TASK GOAL: Below are the entries; give again exactly the lines from the one mentioning "doc.blocks.new('Dalle_4_1', base_point=(-75676.6, -3744.5))" through the one mentioning "281.9078), [225, -75])])", inclusive.

──────── TASK INPUT

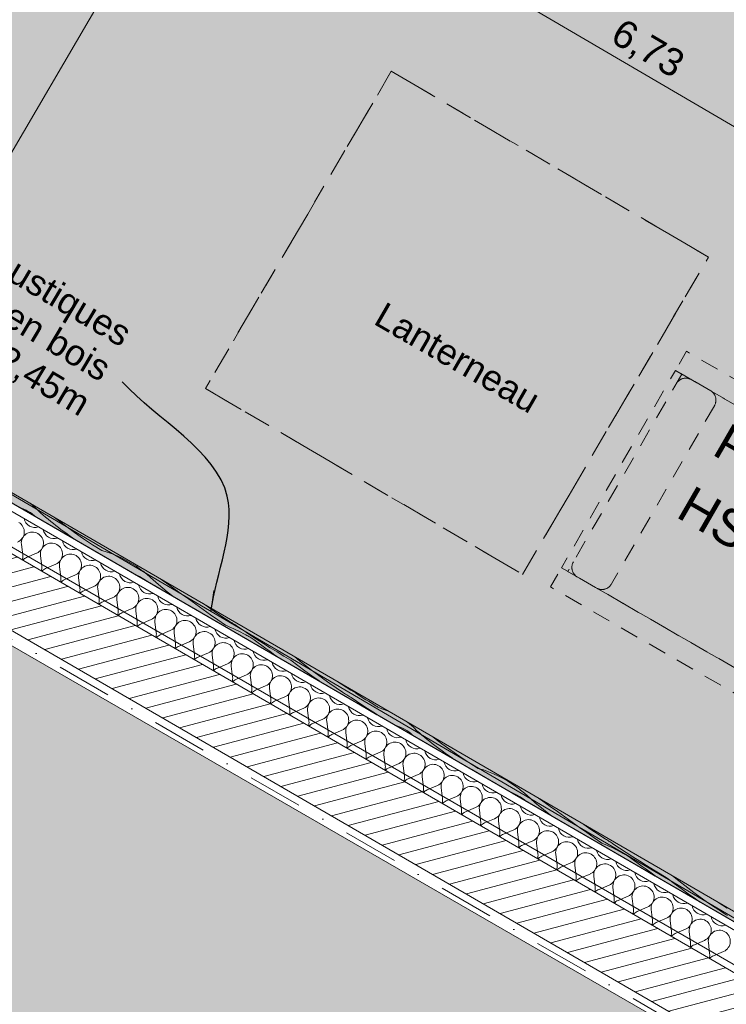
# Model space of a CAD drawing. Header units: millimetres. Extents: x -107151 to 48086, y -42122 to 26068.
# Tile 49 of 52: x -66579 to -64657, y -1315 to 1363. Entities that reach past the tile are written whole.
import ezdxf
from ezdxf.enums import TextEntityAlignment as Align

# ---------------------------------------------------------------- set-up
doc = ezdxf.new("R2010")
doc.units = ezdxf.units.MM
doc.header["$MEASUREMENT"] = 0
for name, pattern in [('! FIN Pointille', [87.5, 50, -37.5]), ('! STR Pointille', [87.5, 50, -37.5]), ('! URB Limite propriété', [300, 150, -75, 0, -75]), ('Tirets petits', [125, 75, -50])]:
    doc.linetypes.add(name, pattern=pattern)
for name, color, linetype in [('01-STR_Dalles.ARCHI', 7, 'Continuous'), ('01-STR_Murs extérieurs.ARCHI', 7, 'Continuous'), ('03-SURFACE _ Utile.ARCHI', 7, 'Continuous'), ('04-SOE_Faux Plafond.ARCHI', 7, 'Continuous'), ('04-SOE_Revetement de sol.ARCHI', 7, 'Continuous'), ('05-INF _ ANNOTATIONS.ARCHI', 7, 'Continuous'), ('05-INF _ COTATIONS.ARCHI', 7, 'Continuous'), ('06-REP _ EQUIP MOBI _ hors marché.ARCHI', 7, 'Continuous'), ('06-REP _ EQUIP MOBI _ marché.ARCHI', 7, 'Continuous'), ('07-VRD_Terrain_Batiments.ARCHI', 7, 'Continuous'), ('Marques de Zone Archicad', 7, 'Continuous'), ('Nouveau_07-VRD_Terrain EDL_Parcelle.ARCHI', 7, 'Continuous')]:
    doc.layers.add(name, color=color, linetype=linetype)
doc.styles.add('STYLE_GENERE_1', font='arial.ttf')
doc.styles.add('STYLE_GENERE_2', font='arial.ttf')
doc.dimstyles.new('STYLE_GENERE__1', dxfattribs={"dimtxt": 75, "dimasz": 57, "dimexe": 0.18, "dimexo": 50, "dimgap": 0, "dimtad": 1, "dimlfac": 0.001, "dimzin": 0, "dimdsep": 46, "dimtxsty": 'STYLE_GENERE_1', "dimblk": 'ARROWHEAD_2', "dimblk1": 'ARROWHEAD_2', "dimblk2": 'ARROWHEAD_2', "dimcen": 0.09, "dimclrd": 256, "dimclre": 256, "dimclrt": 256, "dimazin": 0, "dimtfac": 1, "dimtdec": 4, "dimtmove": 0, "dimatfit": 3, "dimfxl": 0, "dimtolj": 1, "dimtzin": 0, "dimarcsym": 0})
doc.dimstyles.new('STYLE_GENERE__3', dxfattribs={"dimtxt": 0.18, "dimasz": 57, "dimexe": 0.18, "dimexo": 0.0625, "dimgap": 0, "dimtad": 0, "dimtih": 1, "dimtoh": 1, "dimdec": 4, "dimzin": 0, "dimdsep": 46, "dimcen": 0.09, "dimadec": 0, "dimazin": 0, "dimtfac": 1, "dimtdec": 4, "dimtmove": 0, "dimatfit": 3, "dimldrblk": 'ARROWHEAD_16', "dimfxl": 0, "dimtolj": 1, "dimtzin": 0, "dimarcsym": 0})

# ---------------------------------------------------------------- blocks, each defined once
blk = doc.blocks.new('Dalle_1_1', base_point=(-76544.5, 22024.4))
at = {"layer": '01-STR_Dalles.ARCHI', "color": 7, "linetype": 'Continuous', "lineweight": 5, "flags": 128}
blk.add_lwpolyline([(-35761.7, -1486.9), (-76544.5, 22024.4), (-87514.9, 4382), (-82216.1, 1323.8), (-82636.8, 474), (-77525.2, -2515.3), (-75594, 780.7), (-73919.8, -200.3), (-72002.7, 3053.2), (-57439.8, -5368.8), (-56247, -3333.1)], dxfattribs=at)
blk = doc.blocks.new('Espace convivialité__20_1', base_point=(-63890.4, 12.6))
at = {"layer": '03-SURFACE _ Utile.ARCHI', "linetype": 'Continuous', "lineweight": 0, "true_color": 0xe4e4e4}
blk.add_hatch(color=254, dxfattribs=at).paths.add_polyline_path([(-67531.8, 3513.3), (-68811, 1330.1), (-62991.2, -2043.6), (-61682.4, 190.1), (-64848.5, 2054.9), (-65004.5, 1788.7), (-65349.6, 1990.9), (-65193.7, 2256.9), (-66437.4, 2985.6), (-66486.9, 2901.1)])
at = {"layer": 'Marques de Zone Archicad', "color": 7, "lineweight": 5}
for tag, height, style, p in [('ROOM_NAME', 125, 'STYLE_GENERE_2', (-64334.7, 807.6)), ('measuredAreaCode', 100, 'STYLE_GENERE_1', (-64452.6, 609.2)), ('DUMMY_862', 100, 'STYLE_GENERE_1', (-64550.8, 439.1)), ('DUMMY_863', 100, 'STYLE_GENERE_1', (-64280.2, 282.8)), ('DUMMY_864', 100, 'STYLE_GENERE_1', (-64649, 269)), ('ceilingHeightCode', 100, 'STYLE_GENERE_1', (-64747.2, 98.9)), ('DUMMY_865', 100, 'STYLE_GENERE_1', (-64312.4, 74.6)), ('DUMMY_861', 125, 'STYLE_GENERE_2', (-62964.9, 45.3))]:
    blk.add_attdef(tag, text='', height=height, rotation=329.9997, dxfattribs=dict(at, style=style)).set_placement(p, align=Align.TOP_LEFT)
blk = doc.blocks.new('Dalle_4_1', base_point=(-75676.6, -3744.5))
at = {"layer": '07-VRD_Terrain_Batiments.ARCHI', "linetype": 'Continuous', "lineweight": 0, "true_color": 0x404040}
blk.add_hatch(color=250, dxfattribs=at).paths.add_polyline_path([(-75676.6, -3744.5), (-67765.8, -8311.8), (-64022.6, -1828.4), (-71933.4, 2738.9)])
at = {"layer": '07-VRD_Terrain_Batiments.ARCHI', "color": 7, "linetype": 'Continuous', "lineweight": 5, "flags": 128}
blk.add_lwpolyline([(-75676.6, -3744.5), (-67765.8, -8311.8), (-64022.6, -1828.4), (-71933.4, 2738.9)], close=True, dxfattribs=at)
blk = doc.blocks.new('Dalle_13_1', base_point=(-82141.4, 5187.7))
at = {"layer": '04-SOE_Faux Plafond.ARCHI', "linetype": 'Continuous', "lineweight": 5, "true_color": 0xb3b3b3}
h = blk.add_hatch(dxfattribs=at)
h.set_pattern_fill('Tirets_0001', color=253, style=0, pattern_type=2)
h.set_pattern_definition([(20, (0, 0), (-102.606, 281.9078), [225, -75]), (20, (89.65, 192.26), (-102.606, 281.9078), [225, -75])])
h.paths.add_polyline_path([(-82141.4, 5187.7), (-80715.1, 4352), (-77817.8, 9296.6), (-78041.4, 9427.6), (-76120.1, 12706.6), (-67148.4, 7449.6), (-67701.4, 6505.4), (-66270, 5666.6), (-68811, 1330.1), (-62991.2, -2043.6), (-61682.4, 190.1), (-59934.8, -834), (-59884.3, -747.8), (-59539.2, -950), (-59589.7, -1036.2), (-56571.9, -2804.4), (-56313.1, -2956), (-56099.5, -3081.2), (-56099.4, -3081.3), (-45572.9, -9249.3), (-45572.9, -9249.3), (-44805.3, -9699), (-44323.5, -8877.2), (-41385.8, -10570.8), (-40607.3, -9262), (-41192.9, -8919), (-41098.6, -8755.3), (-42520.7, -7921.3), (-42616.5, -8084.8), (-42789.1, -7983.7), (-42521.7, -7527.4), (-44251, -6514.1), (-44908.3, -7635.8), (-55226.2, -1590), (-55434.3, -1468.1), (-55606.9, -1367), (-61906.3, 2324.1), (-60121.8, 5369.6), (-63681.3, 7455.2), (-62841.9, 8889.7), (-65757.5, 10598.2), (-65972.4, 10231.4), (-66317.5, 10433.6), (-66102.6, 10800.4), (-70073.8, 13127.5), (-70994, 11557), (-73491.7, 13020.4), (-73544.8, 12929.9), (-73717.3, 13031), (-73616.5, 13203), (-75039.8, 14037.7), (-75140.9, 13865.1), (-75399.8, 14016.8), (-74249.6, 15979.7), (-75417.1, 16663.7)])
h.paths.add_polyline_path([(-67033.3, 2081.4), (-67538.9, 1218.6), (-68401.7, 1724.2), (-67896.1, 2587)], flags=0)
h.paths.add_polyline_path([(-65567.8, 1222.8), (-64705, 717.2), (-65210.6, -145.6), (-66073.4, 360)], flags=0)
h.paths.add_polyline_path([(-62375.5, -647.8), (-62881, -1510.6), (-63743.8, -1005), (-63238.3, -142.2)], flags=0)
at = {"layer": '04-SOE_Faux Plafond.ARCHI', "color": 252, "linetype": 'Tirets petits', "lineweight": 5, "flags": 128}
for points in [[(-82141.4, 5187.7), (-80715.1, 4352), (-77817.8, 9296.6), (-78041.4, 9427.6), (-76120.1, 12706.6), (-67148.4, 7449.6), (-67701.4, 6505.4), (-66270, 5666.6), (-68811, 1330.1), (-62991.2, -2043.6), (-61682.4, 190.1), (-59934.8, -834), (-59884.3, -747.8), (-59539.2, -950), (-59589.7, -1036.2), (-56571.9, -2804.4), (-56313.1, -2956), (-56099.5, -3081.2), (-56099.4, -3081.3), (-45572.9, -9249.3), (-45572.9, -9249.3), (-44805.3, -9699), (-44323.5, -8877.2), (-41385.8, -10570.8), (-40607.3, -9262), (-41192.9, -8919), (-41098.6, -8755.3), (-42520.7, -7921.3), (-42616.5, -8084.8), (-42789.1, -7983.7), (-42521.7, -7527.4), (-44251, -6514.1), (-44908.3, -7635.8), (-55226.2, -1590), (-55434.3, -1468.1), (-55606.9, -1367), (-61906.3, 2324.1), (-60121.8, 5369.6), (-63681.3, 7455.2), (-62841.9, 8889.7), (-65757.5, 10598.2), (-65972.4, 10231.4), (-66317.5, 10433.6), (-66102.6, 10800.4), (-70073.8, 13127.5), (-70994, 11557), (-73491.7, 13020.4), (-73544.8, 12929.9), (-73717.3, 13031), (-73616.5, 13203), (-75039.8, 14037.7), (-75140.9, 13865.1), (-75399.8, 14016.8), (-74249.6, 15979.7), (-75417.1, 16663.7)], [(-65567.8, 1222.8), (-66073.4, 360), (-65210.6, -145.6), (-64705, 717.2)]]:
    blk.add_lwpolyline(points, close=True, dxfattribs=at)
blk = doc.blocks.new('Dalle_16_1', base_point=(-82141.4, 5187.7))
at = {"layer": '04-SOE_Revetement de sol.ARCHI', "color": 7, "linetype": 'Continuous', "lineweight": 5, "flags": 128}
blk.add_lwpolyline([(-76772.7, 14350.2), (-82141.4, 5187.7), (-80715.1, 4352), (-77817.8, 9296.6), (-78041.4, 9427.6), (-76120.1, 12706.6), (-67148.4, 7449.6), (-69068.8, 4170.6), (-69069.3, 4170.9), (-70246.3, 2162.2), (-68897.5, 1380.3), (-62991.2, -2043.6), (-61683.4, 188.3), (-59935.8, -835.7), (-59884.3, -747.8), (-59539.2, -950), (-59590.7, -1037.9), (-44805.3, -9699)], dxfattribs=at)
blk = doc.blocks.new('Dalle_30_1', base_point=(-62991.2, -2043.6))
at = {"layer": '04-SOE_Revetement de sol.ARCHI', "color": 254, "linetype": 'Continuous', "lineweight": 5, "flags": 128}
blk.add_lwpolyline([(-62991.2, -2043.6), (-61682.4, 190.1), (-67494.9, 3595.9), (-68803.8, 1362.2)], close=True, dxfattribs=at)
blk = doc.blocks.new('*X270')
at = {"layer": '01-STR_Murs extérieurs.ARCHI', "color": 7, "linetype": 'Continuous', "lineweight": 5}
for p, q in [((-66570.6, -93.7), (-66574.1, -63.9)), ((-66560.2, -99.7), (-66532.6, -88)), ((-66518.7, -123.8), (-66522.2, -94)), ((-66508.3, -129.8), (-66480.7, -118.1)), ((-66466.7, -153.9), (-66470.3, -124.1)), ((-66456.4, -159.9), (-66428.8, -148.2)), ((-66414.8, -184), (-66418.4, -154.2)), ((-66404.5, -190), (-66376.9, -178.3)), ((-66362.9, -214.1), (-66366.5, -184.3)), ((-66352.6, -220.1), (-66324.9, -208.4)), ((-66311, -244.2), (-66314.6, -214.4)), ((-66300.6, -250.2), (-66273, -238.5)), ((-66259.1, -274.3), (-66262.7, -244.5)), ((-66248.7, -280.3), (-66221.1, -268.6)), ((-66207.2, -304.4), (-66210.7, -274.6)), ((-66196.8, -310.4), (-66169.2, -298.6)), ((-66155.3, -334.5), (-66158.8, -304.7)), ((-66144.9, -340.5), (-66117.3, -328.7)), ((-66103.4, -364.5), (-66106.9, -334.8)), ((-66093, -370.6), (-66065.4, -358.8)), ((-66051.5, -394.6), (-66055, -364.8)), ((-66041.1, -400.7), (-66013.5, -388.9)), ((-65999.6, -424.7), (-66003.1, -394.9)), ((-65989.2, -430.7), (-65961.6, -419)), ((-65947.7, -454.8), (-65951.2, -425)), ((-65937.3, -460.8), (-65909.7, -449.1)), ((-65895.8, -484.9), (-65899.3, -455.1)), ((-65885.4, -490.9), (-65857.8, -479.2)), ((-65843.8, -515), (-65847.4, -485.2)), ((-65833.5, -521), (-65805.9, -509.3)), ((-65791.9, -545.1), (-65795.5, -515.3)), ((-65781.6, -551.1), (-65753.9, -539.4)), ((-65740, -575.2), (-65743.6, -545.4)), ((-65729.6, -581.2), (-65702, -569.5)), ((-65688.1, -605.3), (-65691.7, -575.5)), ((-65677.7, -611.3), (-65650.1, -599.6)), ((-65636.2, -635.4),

────────────────

OUTPUT OF THE TASK:
blk = doc.blocks.new('Dalle_4_1', base_point=(-75676.6, -3744.5))
at = {"layer": '07-VRD_Terrain_Batiments.ARCHI', "linetype": 'Continuous', "lineweight": 0, "true_color": 0x404040}
blk.add_hatch(color=250, dxfattribs=at).paths.add_polyline_path([(-75676.6, -3744.5), (-67765.8, -8311.8), (-64022.6, -1828.4), (-71933.4, 2738.9)])
at = {"layer": '07-VRD_Terrain_Batiments.ARCHI', "color": 7, "linetype": 'Continuous', "lineweight": 5, "flags": 128}
blk.add_lwpolyline([(-75676.6, -3744.5), (-67765.8, -8311.8), (-64022.6, -1828.4), (-71933.4, 2738.9)], close=True, dxfattribs=at)
blk = doc.blocks.new('Dalle_13_1', base_point=(-82141.4, 5187.7))
at = {"layer": '04-SOE_Faux Plafond.ARCHI', "linetype": 'Continuous', "lineweight": 5, "true_color": 0xb3b3b3}
h = blk.add_hatch(dxfattribs=at)
h.set_pattern_fill('Tirets_0001', color=253, style=0, pattern_type=2)
h.set_pattern_definition([(20, (0, 0), (-102.606, 281.9078), [225, -75]), (20, (89.65, 192.26), (-102.606, 281.9078), [225, -75])])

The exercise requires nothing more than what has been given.